Venatania no Litoral de São Paulo

No final da tarde do último sábado, dia 3 de novembro de 2018, um forte e repentino vendaval colocou grande parte da Baixada Santista, no Litoral Sul do Estado de São Paulo, em alerta. As rajadas de vento, com velocidades entre 80 e 100 km/h, passaram a espalhar as cadeiras e mesas dos quiosques à beira-mar, e também guarda-sóis e cadeiras de praia dos turistas – lembrando que foi um fim de semana prolongado por causa do feriado de Finados e as praias da região estavam lotadas de turistas, que tiveram de fugir às pressas (vide foto). Árvores e postes então passaram a sofrer com a força dos ventos e não foram poucos os bairros que ficaram sem energia elétrica, sinal de TV a cabo e internet. As torres de telefonia celular também passaram a apresentar problemas, silenciando grande parte das comunicações. 

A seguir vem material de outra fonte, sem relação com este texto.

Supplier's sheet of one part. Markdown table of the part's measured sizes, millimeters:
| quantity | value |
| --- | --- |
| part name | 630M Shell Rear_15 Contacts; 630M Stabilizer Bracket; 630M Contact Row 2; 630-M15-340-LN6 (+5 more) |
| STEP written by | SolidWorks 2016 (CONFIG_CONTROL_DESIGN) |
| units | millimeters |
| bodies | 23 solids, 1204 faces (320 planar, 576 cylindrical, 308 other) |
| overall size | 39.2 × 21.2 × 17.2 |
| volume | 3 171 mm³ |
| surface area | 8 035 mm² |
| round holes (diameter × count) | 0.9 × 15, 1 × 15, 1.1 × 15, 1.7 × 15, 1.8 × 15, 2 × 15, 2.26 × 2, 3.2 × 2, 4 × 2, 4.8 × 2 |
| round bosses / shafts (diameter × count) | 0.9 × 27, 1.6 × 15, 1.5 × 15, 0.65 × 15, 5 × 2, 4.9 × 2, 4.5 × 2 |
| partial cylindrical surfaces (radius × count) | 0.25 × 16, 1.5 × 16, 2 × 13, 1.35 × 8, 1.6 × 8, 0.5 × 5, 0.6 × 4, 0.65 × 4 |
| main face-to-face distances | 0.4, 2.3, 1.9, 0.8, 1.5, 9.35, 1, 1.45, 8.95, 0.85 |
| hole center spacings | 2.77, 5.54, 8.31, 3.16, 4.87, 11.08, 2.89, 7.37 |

Eu estava em Peruíbe, a cidade mais ao Sul da Baixada Santista, na casa de familiares e percebi a chegada da ventania pelo brusco uivo que envolveu toda a vizinhança. A ventania durou cerca de vinte minutos e causou estragos em telhados, placas, vidraças, postes de energia elétrica e de suporte de semáforos – o bairro ficou mais de três horas sem energia elétrica e sinal telefônico. Um dos testemunhos mais visíveis do vendaval foram os grandes volumes de areia da praia que foram carregados até a avenida principal da cidade, distante cerca de 500 metros do oceano. Ao verificar os estragos do fenômeno climático no dia seguinte, lembrei de um trecho da música “Águas de Março”, de Tom Jobim, que acabou usado como título desta postagem – o vento ventando

O mesmo fenômeno se abateu sobre a Região Metropolitana de São Paulo logo depois, deixando também um rastro de destruição – foram registradas 454 quedas de árvores na região e, pelo menos, 400 mil pessoas ficaram sem energia elétrica em suas casas. Somente no município de São Paulo, 100 árvores foram derrubadas pelo vento, bloqueando diversas ruas e avenidas da cidade, causando todo o tipo de transtornos para a população. Um dos mais tradicionais pontos turísticos da cidade, o Mercadão da Cantareira, na região central, não funcionou no domingo devido à falta de energia elétrica. Para quem não é ou não conhece a cidade, o Mercadão é um dos mais disputados centros gastronômicos de São Paulo e atrai milhares de visitantes nos finais de semana. 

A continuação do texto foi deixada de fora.